И это тоже было как раздвоение зрения. Это было причиной моей сердечной боли.
В зоне боевых действий нет стабильного положения. Все изменчиво. Безопасность, опасность, контроль, паника — эти и другие понятия постоянно сменяют друг друга, когда речь идет о территориях и людях в этой зоне. Когда вы выбираетесь из подобного места, оно все равно остается с вами, его инаковость то и дело дает о себе знать при взгляде на кажущиеся спокойными улицы вашего мирного родного города. «Что, если» становится реальностью, вы представляете себе, как взрываются дома вокруг Грамерси-парка, видите, как посреди Вашингтон-сквер появляются воронки от бомб, а на Делани-стрит падают, ужаленные снайперской пулей, женщины с сумками, полными покупок. Вы фотографируете свой маленький кусочек Манхэттена, и на снимках проявляются призраки — фантомы погибших далеко отсюда. Двойная экспозиция — как на фотографиях с эффектом Кирлиана[271], это становится новой разновидностью правды.
Я начал ссориться с окружающими, даже затевать драки. Да, и в барах, с незнакомыми людьми, я устраивал беспричинные драки. Я слышал свой хриплый пьяный голос, занудствующий и задирающий, и сам не узнавал его, но остановить не мог. Как будто увиденное мною насилие вызвало из самой глубины моего существа ответную потребность в насилии. Пылающий внутри меня огонь поднимался по изломам моего характера и выливался вулканической лавой через жерла моих глаз и губ.
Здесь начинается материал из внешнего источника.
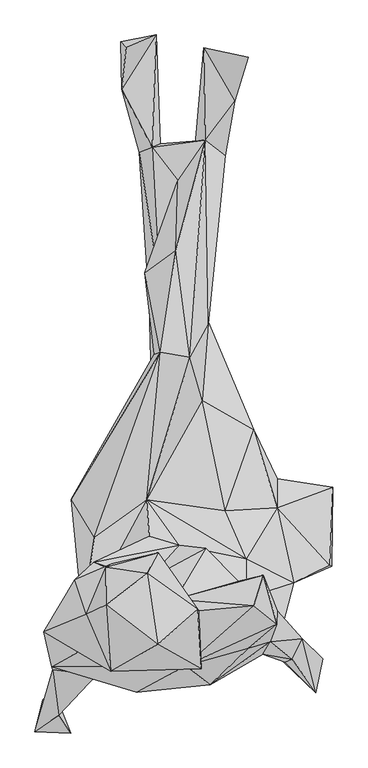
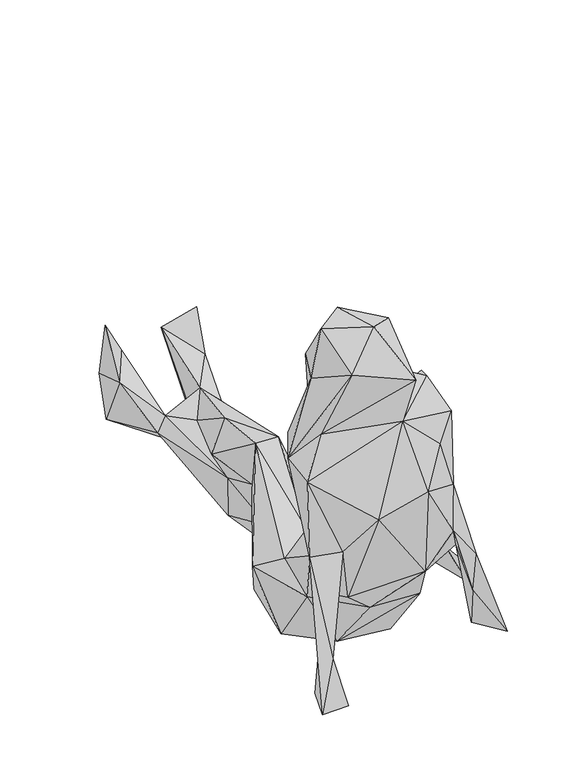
"""IFC4 building model written with IfcOpenShell, lengths in millimetres: geographic element geometry, TempEnscape AssetDefinition - Anita 002 Sitting : TempEnscape AssetDefinition - Anita 002 Sitting."""

import ifcopenshell
import ifcopenshell.guid

model = None  # the IFC model being written
_history = None  # IfcOwnerHistory: only IFC2X3 demands one
_inside = {}  # id of a spatial element -> (the spatial element, [elements in it])
_under = {}  # id of a project, library or spatial element -> (it, [spatial elements below it])
_declared = {}  # id of a project -> (the project, [libraries it declares])
_typed = {}  # id of a type object -> (the type object, [elements of that type])
_made_of = {}  # id of a material, layer set ... -> (it, [elements and type objects made of it])


def new_model(schema):
    """Start an empty IFC model of exactly this schema.

    Asked for "IFC4X3", IfcOpenShell would pick the latest addendum, in which some entities
    have other attributes; the version numbers below select the first issue.
    IFC2X3 requires an IfcOwnerHistory on every rooted entity: one is made here for all.
    """
    global model, _history
    if schema == "IFC4X3":
        model = ifcopenshell.file(schema_version=(4, 3, 0, 0))
    else:
        model = ifcopenshell.file(schema=schema)
    _inside.clear()
    _under.clear()
    _declared.clear()
    _typed.clear()
    _made_of.clear()
    _history = None
    if model.schema == "IFC2X3":
        org = make("IfcOrganization", Name="unknown")
        user = make(
            "IfcPersonAndOrganization",
            ThePerson=make("IfcPerson", FamilyName="unknown"),
            TheOrganization=org,
        )
        app = make(
            "IfcApplication",
            ApplicationDeveloper=org,
            Version="unknown",
            ApplicationFullName="unknown",
            ApplicationIdentifier="unknown",
        )
        _history = make(
            "IfcOwnerHistory",
            OwningUser=user,
            OwningApplication=app,
            ChangeAction="ADDED",
            CreationDate=0,
        )
    return model


def make(cls, **values):
    """One entity of the class cls with the attributes given. An attribute that is None is left unset."""
    return model.create_entity(
        cls, **{name: value for name, value in values.items() if value is not None}
    )


def rooted(cls, **values):
    """An entity with a GlobalId (a new one), such as an element, a storey or a relation."""
    return make(cls, GlobalId=ifcopenshell.guid.new(), OwnerHistory=_history, **values)


def si_unit(unit_type, name, prefix=None):
    """IfcSIUnit, for example si_unit("LENGTHUNIT", "METRE", prefix="MILLI")."""
    return make("IfcSIUnit", UnitType=unit_type, Prefix=prefix, Name=name)


def assignment(units):
    """IfcUnitAssignment: the units of a project."""
    return None if units is None else make("IfcUnitAssignment", Units=units)


def point(xyz):
    """IfcCartesianPoint."""
    return None if xyz is None else make("IfcCartesianPoint", Coordinates=xyz)


def direction(xyz):
    """IfcDirection."""
    return None if xyz is None else make("IfcDirection", DirectionRatios=xyz)


def frame(location, z_axis=None, x_axis=None):
    """IfcAxis2Placement3D, a coordinate frame: its origin and axes. An axis left out is left unset."""
    return make(
        "IfcAxis2Placement3D",
        Location=point(location),
        Axis=direction(z_axis),
        RefDirection=direction(x_axis),
    )


def origin():
    """The frame at (0, 0, 0) with its axes left unset."""
    return frame((0.0, 0.0, 0.0))


def place(relative_to, where):
    """IfcLocalPlacement: puts the frame where relative to a parent placement (None: the world)."""
    return make(
        "IfcLocalPlacement", PlacementRelTo=relative_to, RelativePlacement=where
    )


def context(
    kind, dimensions, precision=None, world=None, true_north=None, identifier=None
):
    """IfcGeometricRepresentationContext, for example the 3D "Model" context."""
    return make(
        "IfcGeometricRepresentationContext",
        ContextIdentifier=identifier,
        ContextType=kind,
        CoordinateSpaceDimension=dimensions,
        Precision=precision,
        WorldCoordinateSystem=world,
        TrueNorth=true_north,
    )


def project(units=None, contexts=None):
    """IfcProject with its units and contexts."""
    return rooted(
        "IfcProject",
        Name="project",
        RepresentationContexts=contexts,
        UnitsInContext=assignment(units),
    )


def spatial(cls, under=None, at=None, **own):
    """A site, building, storey or space (cls), placed at a placement, below another one or the project."""
    s = rooted(cls, ObjectPlacement=at, **own)
    if under is not None:
        _under.setdefault(under.id(), (under, []))[1].append(s)
    return s


def faces_of(points, faces, orient=None, outer=None):
    """IfcFace entities. A face is a list of loops; a loop is a list of indices into points, from 0.

    orient and outer hold one flag for each loop. By default every Orientation is true, the
    first loop of a face is its IfcFaceOuterBound and the others are IfcFaceBound.
    """
    made = []
    for i, loops in enumerate(faces):
        bounds = []
        for j, loop in enumerate(loops):
            is_outer = j == 0 if outer is None else outer[i][j]
            bounds.append(
                make(
                    "IfcFaceOuterBound" if is_outer else "IfcFaceBound",
                    Bound=make("IfcPolyLoop", Polygon=[points[k] for k in loop]),
                    Orientation=True if orient is None else orient[i][j],
                )
            )
        made.append(make("IfcFace", Bounds=bounds))
    return made


def faceted_brep(points, faces, orient=None, outer=None, voids=None):
    """IfcFacetedBrep: a solid bounded by flat faces; with voids (closed shells), ...WithVoids."""
    shared = [point(p) for p in points]
    hull = make("IfcClosedShell", CfsFaces=faces_of(shared, faces, orient, outer))
    if voids is None:
        return make("IfcFacetedBrep", Outer=hull)
    return make(
        "IfcFacetedBrepWithVoids",
        Outer=hull,
        Voids=[
            make(cls, CfsFaces=faces_of(shared, fs, o, b)) for cls, fs, o, b in voids
        ],
    )


def shape(context_of_items, identifier, shape_type, items):
    """IfcShapeRepresentation: the items that make up one representation, for example the "Body"."""
    return make(
        "IfcShapeRepresentation",
        ContextOfItems=context_of_items,
        RepresentationIdentifier=identifier,
        RepresentationType=shape_type,
        Items=items,
    )


def source(mapping_origin, context_of_items, identifier, shape_type, items):
    """IfcRepresentationMap: a shape defined once, which mapped items show again and again."""
    return make(
        "IfcRepresentationMap",
        MappingOrigin=mapping_origin,
        MappedRepresentation=shape(context_of_items, identifier, shape_type, items),
    )


def transform(
    local_origin,
    x_axis=None,
    y_axis=None,
    z_axis=None,
    scale=None,
    scale2=None,
    scale3=None,
    uniform=True,
):
    """IfcCartesianTransformationOperator3D, or its non-uniform kind. x_axis, y_axis, z_axis: its Axis1, 2, 3."""
    if uniform:
        return make(
            "IfcCartesianTransformationOperator3D",
            Axis1=direction(x_axis),
            Axis2=direction(y_axis),
            LocalOrigin=point(local_origin),
            Scale=scale,
            Axis3=direction(z_axis),
        )
    return make(
        "IfcCartesianTransformationOperator3DnonUniform",
        Axis1=direction(x_axis),
        Axis2=direction(y_axis),
        LocalOrigin=point(local_origin),
        Scale=scale,
        Axis3=direction(z_axis),
        Scale2=scale2,
        Scale3=scale3,
    )


def mapped(mapping_source, mapping_target):
    """IfcMappedItem: shows the shape of a source again, moved by a transform."""
    return make(
        "IfcMappedItem", MappingSource=mapping_source, MappingTarget=mapping_target
    )


def made_of(thing, what):
    """Note that an element or type object is made of a material, layer set ...; save() writes the relation."""
    if what is not None:
        _made_of.setdefault(what.id(), (what, []))[1].append(thing)
    return thing


def element(
    cls,
    number,
    at=None,
    inside=None,
    cuts=None,
    type_object=None,
    material=None,
    context=None,
    identifier="Body",
    shape_type=None,
    held_by="IfcProductDefinitionShape",
    body=None,
    shapes=None,
    **own,
):
    """One element of the class cls, such as IfcWall. Its Tag is "e" and its number.

    at: its placement. inside: the storey or other place that contains it. cuts: it is an
    opening in that element (IfcRelVoidsElement). A single representation is given by context,
    identifier, shape_type and body (its items); several are given by shapes. held_by: the class
    of the entity that holds the representations. save() writes the other relations.
    """
    e = rooted(cls, Tag="e%d" % number, ObjectPlacement=at, **own)
    if body is not None:
        shapes = [shape(context, identifier, shape_type, body)]
    if shapes is not None:
        e.Representation = make(held_by, Representations=shapes)
    if inside is not None:
        _inside.setdefault(inside.id(), (inside, []))[1].append(e)
    if cuts is not None:
        rooted(
            "IfcRelVoidsElement", RelatingBuildingElement=cuts, RelatedOpeningElement=e
        )
    if type_object is not None:
        _typed.setdefault(type_object.id(), (type_object, []))[1].append(e)
    return made_of(e, material)


def aggregate(whole, parts):
    """IfcRelAggregates: a whole, such as a stair, and the parts it consists of."""
    return rooted("IfcRelAggregates", RelatingObject=whole, RelatedObjects=parts)


def save(model, path):
    """Write the relations noted so far, then the file.

    IfcRelAggregates (storeys below a building ...), IfcRelContainedInSpatialStructure (elements
    in a storey), IfcRelDefinesByType, IfcRelAssociatesMaterial and IfcRelDeclares: one each for
    every whole, place, type object, material and project.
    """
    for whole, parts in _under.values():
        aggregate(whole, parts)
    for where, things in _inside.values():
        rooted(
            "IfcRelContainedInSpatialStructure",
            RelatedElements=things,
            RelatingStructure=where,
        )
    for kind, things in _typed.values():
        rooted("IfcRelDefinesByType", RelatedObjects=things, RelatingType=kind)
    for what, things in _made_of.values():
        rooted("IfcRelAssociatesMaterial", RelatedObjects=things, RelatingMaterial=what)
    for by, libraries in _declared.values():
        rooted("IfcRelDeclares", RelatingContext=by, RelatedDefinitions=libraries)
    model.write(path)


def geographic_element_b9c32f9a(model_context):
    return source(origin(), model_context, "Body", "Brep", [
        faceted_brep([(-73.8655925, 557.002306, 132.9326928), (-75.719513, 636.702776, 109.58983), (-68.1077912, 621.9859123, 1.5003612), (-45.0527668, 450.2432346, 63.9466718), (-9.5902998, 464.779973, 25.3610909), (-25.84837, 633.0233216, 6.1272308), (-66.6901544, 627.9091239, 230.8153957), (-16.1481481, 648.3475566, 138.5624409), (-22.7615237, 459.2624009, 92.1124369), (-10.324616, 224.511385, 75.8396313), (-27.8711375, 193.3018267, 7.582264), (20.1358907, 402.9999971, 101.0534093), (66.4850399, 470.5525041, 124.0721792), (72.9930326, 264.874965, -0.7932424), (50.0524603, 463.0280137, 43.8549705), (73.8542676, 335.064441, 61.7641173), (65.5252188, 118.9614311, 7.6037948), (65.3937683, 180.843398, 71.0745156), (71.3668838, 160.8661562, 154.1133821), (100.6794572, 444.8752403, 96.4469388), (64.1143769, 626.3974309, 181.5165281), (98.836869, 561.2359643, -15.5872125), (122.1479923, 599.82723, 93.7476456), (116.5023744, 536.2409353, 150.1188576), (40.8032537, 105.1114202, 232.4460894), (61.9114339, 32.4957408, 135.4245991), (16.782742, 285.2046192, 178.8342297), (-32.0492573, -135.1673603, 174.8374104), (-8.8911131, 113.4053245, 228.7586331), (-35.006918, 247.1482605, 129.0798038), (-159.6388966, -134.7435564, 125.7209778), (-18.9709589, 109.5875725, 132.61199), (-120.6623614, -199.0630329, 171.2882221), (-23.4709084, 40.0961377, 72.8604421), (-140.0299519, -106.9710031, 44.6142182), (-135.0880414, -209.0986967, -5.6898142), (-140.5908763, -324.6797621, 158.6122066), (-140.4390335, -336.3982141, 267.3770785), (-63.7676194, -314.5512044, 14.8268333), (-32.9535529, -394.4907784, 136.4127547), (-51.8905148, -232.4313521, -29.4122957), (15.138464, -75.9654269, 5.3305887), (113.3192107, -347.1727371, 91.3747177), (81.2370777, -282.0747197, -24.6573724), (90.8239782, -408.520937, 191.6065514), (-94.165802, -410.9936059, 193.5987473), (145.1010257, -242.6721007, -16.335126), (173.1240153, -279.9703479, 120.1354191), (187.3615682, -154.0816575, 19.8095273), (213.0932212, -219.1241384, 62.4327064), (197.3836273, -346.595943, 183.5789531), (215.6599313, -275.6199837, 128.3930838), (148.1232792, -17.4320675, 105.6213602), (188.123107, -100.5491391, 60.0144528), (188.0301833, -148.8949955, 118.9750209), (100.5094722, -153.9332122, 159.1640711), (281.8798125, -114.4320071, 19.3403829), (276.7520547, -246.3980764, 50.4581481), (136.1657232, -235.053584, 196.9496012), (22.6516034, -212.0948732, 302.691102), (136.633724, -300.6989062, 285.0901484), (279.8479795, -247.4202216, 3.5412607), (163.2402092, -395.8834708, 259.9432468), (201.4110386, -409.4331861, 105.8853865), (188.368991, -322.696656, 318.916291), (264.5905316, -403.8782418, 8.3743725), (230.4244339, -370.0792789, 164.4380093), (198.0374902, -409.032017, 27.0824283), (175.9728789, -375.3555119, 357.9596877), (253.3287704, -460.7854187, 17.1510335), (213.17029, -404.2272568, 188.60811), (187.57689, -345.9998369, 519.8819637), (139.2095089, -385.9192133, 478.7761569), (74.7698918, -448.0323792, 419.5119143), (33.5167572, -415.3643847, 589.353025), (164.6068543, -262.5802159, 578.2669187), (148.3351886, -314.4310713, 601.3468504), (-48.9158593, -460.2743387, 400.4559219), (-192.6139742, -417.3293412, 517.9510117), (-117.0565113, -431.6598177, 327.2169828), (-205.4214329, -358.6089909, 547.0561981), (-190.799728, -421.9879508, 333.2490623), (-146.3962793, -392.0305669, 606.508553), (60.2365583, -421.0224748, 685.7444644), (-92.8048268, -425.2311587, 753.8465261), (55.6867495, -323.1601417, 661.912024), (-13.6947632, -379.2321682, 820.2851415), (53.9540797, -320.4710484, 783.3018899), (-133.9287758, -329.0505409, 703.1629086), (-100.6647199, -312.6632869, 805.3064346), (-30.8299307, -259.3075335, 801.9533157), (-101.0998785, -249.4361997, 704.24968), (-13.0295716, -224.6462405, 660.2609754), (-91.1945477, -243.5662001, 606.5992713), (-153.6918432, -270.4503238, 539.8954749), (-50.1159206, -273.2720077, 568.6969757), (-121.6085851, -241.2771285, 403.7535787), (-160.5545282, -352.8478146, 378.5069287), (-163.383007, -404.0980637, 227.6662141), (-189.3775463, -455.953449, 112.4625057), (-220.6449062, -526.4285207, 14.1004501), (-180.1691353, -499.4106591, 124.0823716), (-27.6490282, -197.3349005, 286.0839963), (-29.1697886, -269.6956098, 456.3557506), (67.4267337, -217.088908, 392.4714029), (16.2977315, -303.829968, 550.7833362), (122.4426329, -273.1677592, 449.9281943), (-160.2644175, -529.1005969, 17.5057258), (-207.6617926, -472.8744328, 31.1132334), (139.0565187, 610.4917526, 215.6701386)], [[[0, 1, 2]], [[2, 3, 0]], [[4, 2, 5]], [[5, 2, 1]], [[2, 4, 3]], [[0, 6, 1]], [[7, 5, 1]], [[6, 7, 1]], [[8, 0, 3]], [[7, 6, 0]], [[8, 7, 0]], [[9, 8, 3]], [[9, 3, 10]], [[3, 4, 10]], [[11, 8, 9]], [[4, 7, 8]], [[11, 12, 8]], [[12, 4, 8]], [[4, 5, 7]], [[13, 10, 4]], [[12, 14, 4]], [[15, 13, 4]], [[4, 14, 15]], [[16, 10, 13]], [[16, 13, 17]], [[15, 17, 13]], [[17, 15, 18]], [[14, 19, 15]], [[15, 19, 18]], [[12, 20, 14]], [[20, 21, 14]], [[14, 21, 19]], [[18, 19, 12]], [[19, 22, 23]], [[12, 19, 23]], [[19, 21, 22]], [[12, 24, 18]], [[25, 17, 18]], [[25, 18, 24]], [[12, 26, 24]], [[27, 25, 24]], [[24, 28, 27]], [[26, 28, 24]], [[26, 12, 11]], [[12, 23, 20]], [[26, 11, 29]], [[28, 26, 29]], [[30, 28, 31]], [[32, 27, 28]], [[28, 29, 31]], [[32, 28, 30]], [[31, 29, 9]], [[29, 11, 9]], [[31, 9, 33]], [[33, 34, 31]], [[30, 31, 34]], [[35, 30, 34]], [[30, 35, 36]], [[36, 32, 30]], [[37, 32, 36]], [[27, 32, 37]], [[36, 35, 38]], [[36, 38, 39]], [[37, 36, 39]], [[35, 34, 40]], [[38, 35, 40]], [[34, 41, 40]], [[34, 33, 41]], [[38, 40, 41]], [[42, 39, 38]], [[43, 38, 41]], [[42, 38, 43]], [[44, 45, 39]], [[44, 39, 42]], [[45, 37, 39]], [[43, 46, 42]], [[42, 46, 47]], [[42, 47, 44]], [[48, 43, 16]], [[46, 43, 48]], [[43, 41, 16]], [[48, 47, 46]], [[47, 48, 49]], [[44, 47, 50]], [[47, 49, 51]], [[50, 47, 51]], [[48, 16, 17]], [[52, 48, 17]], [[49, 48, 53]], [[48, 52, 53]], [[41, 10, 16]], [[33, 9, 10]], [[33, 10, 41]], [[52, 17, 25]], [[54, 52, 55]], [[52, 25, 55]], [[54, 53, 52]], [[54, 56, 53]], [[53, 56, 49]], [[57, 56, 54]], [[54, 55, 58]], [[51, 54, 58]], [[57, 54, 51]], [[55, 25, 27]], [[58, 55, 27]], [[59, 58, 27]], [[58, 59, 60]], [[60, 51, 58]], [[51, 49, 61]], [[51, 61, 57]], [[50, 51, 60]], [[49, 56, 61]], [[61, 56, 57]], [[62, 50, 63]], [[64, 50, 60]], [[65, 50, 66]], [[50, 64, 66]], [[65, 67, 50]], [[67, 63, 50]], [[62, 44, 50]], [[66, 64, 68]], [[66, 69, 65]], [[66, 70, 69]], [[66, 68, 70]], [[65, 69, 67]], [[67, 69, 63]], [[70, 63, 69]], [[70, 62, 63]], [[70, 68, 62]], [[68, 64, 71]], [[72, 68, 71]], [[73, 62, 68]], [[68, 72, 73]], [[74, 72, 71]], [[64, 75, 71]], [[76, 71, 75]], [[71, 76, 74]], [[73, 72, 74]], [[77, 44, 73]], [[77, 73, 74]], [[73, 44, 62]], [[74, 78, 77]], [[79, 45, 77]], [[45, 44, 77]], [[78, 79, 77]], [[78, 80, 81]], [[78, 81, 79]], [[78, 82, 80]], [[82, 78, 74]], [[83, 82, 74]], [[84, 80, 82]], [[82, 83, 84]], [[74, 76, 85]], [[83, 74, 85]], [[83, 86, 84]], [[86, 83, 87]], [[85, 87, 83]], [[84, 88, 80]], [[84, 89, 88]], [[86, 89, 84]], [[90, 89, 86]], [[87, 90, 86]], [[87, 85, 90]], [[89, 90, 91]], [[92, 91, 90]], [[90, 85, 92]], [[88, 89, 91]], [[88, 93, 94]], [[88, 94, 80]], [[88, 91, 93]], [[92, 93, 91]], [[95, 93, 92]], [[95, 92, 85]], [[94, 93, 95]], [[80, 94, 96]], [[95, 96, 94]], [[97, 80, 96]], [[97, 81, 80]], [[97, 96, 37]], [[98, 97, 37]], [[81, 97, 98]], [[99, 100, 81]], [[99, 81, 98]], [[100, 101, 81]], [[81, 101, 79]], [[45, 98, 37]], [[79, 98, 45]], [[79, 99, 98]], [[96, 102, 37]], [[102, 27, 37]], [[96, 59, 102]], [[59, 27, 102]], [[103, 59, 96]], [[60, 59, 104]], [[104, 59, 103]], [[95, 103, 96]], [[103, 95, 105]], [[104, 103, 105]], [[104, 106, 60]], [[106, 104, 105]], [[106, 64, 60]], [[75, 106, 105]], [[64, 106, 75]], [[105, 95, 85]], [[85, 76, 105]], [[76, 75, 105]], [[99, 79, 101]], [[101, 100, 107]], [[107, 99, 101]], [[108, 99, 107]], [[99, 108, 100]], [[107, 100, 108]], [[22, 109, 23]], [[23, 109, 20]], [[109, 22, 20]], [[22, 21, 20]]]),
    ])


if __name__ == "__main__":
    model = new_model("IFC4")
    model_context = context("Model", 3, world=origin())
    ifc_project = project(units=[si_unit("LENGTHUNIT", "METRE", prefix="MILLI")], contexts=[model_context])
    site = spatial("IfcSite", under=ifc_project)
    building = spatial("IfcBuilding", under=site)
    placement = place(None, origin())
    geographic_element_shape = geographic_element_b9c32f9a(model_context)
    element("IfcGeographicElement", 1, ObjectType="TempEnscape AssetDefinition - Anita 002 Sitting : TempEnscape AssetDefinition - Anita 002 Sitting", at=placement, inside=building, context=model_context, shape_type="MappedRepresentation", body=[
        mapped(geographic_element_shape, transform((0.0, 0.0, 0.0), x_axis=(1.0, 0.0, 0.0), y_axis=(0.0, 1.0, 0.0), z_axis=(0.0, 0.0, 1.0))),
    ])
    save(model, "model.ifc")

Однажды вечером, вскоре после исчезновения Стэндиша, я сопровождал Вину в «Ксенон», а затем в клуб «54». Ормус ненавидел подобные заведения, так что я мог выступать в качестве ее провожатого, не вызывая его подозрений. Вина же не могла обходиться без клубов, пристрастившись к ним, к тому же ей всегда было наплевать на то, что подумают люди. Она была одета в черное, но платье ее вовсе не напоминало траурное, для этого его было слишком мало. В общем, там, в «54», был этот прилизанный парень, отпустивший по этому поводу несколько саркастических замечаний, — что, мол, прошло еще слишком мало времени после ухода Стэндиша… ну да ладно, неважно. Вина оттащила меня в последний момент. Она заявила, что мои чувства не что иное, как ярость, присущая именно мужскому полу, потому что вы теряете самообладание. Она настолько промахнулась, что я даже не знал, как реагировать, и начал вместо этого ворчать по поводу Ормуса. «Эти его песни о других мирах, — вещал я, перекрикивая музыку, — что он себе вообразил? Предлагает людям землю обетованную, что ли? Меня это бесит, потому что, если вслушаться в содержание, он просто говорит, что тот мир не лучше, он просто другой, а это совсем не то, что слышат дети. Ты же сама повторяла: кто сейчас вслушивается в тексты песен? Эти гребаные чокнутые „новые квакеры“, — ты думаешь, они понимают их содержание? Они ждут не дождутся судного дня, молясь о конце, о наступлении dies irae, дня гнева, потому что тогда обретут они это гребаное царствие. Я не выношу этого. Пора вам, ребята, кончать всё это».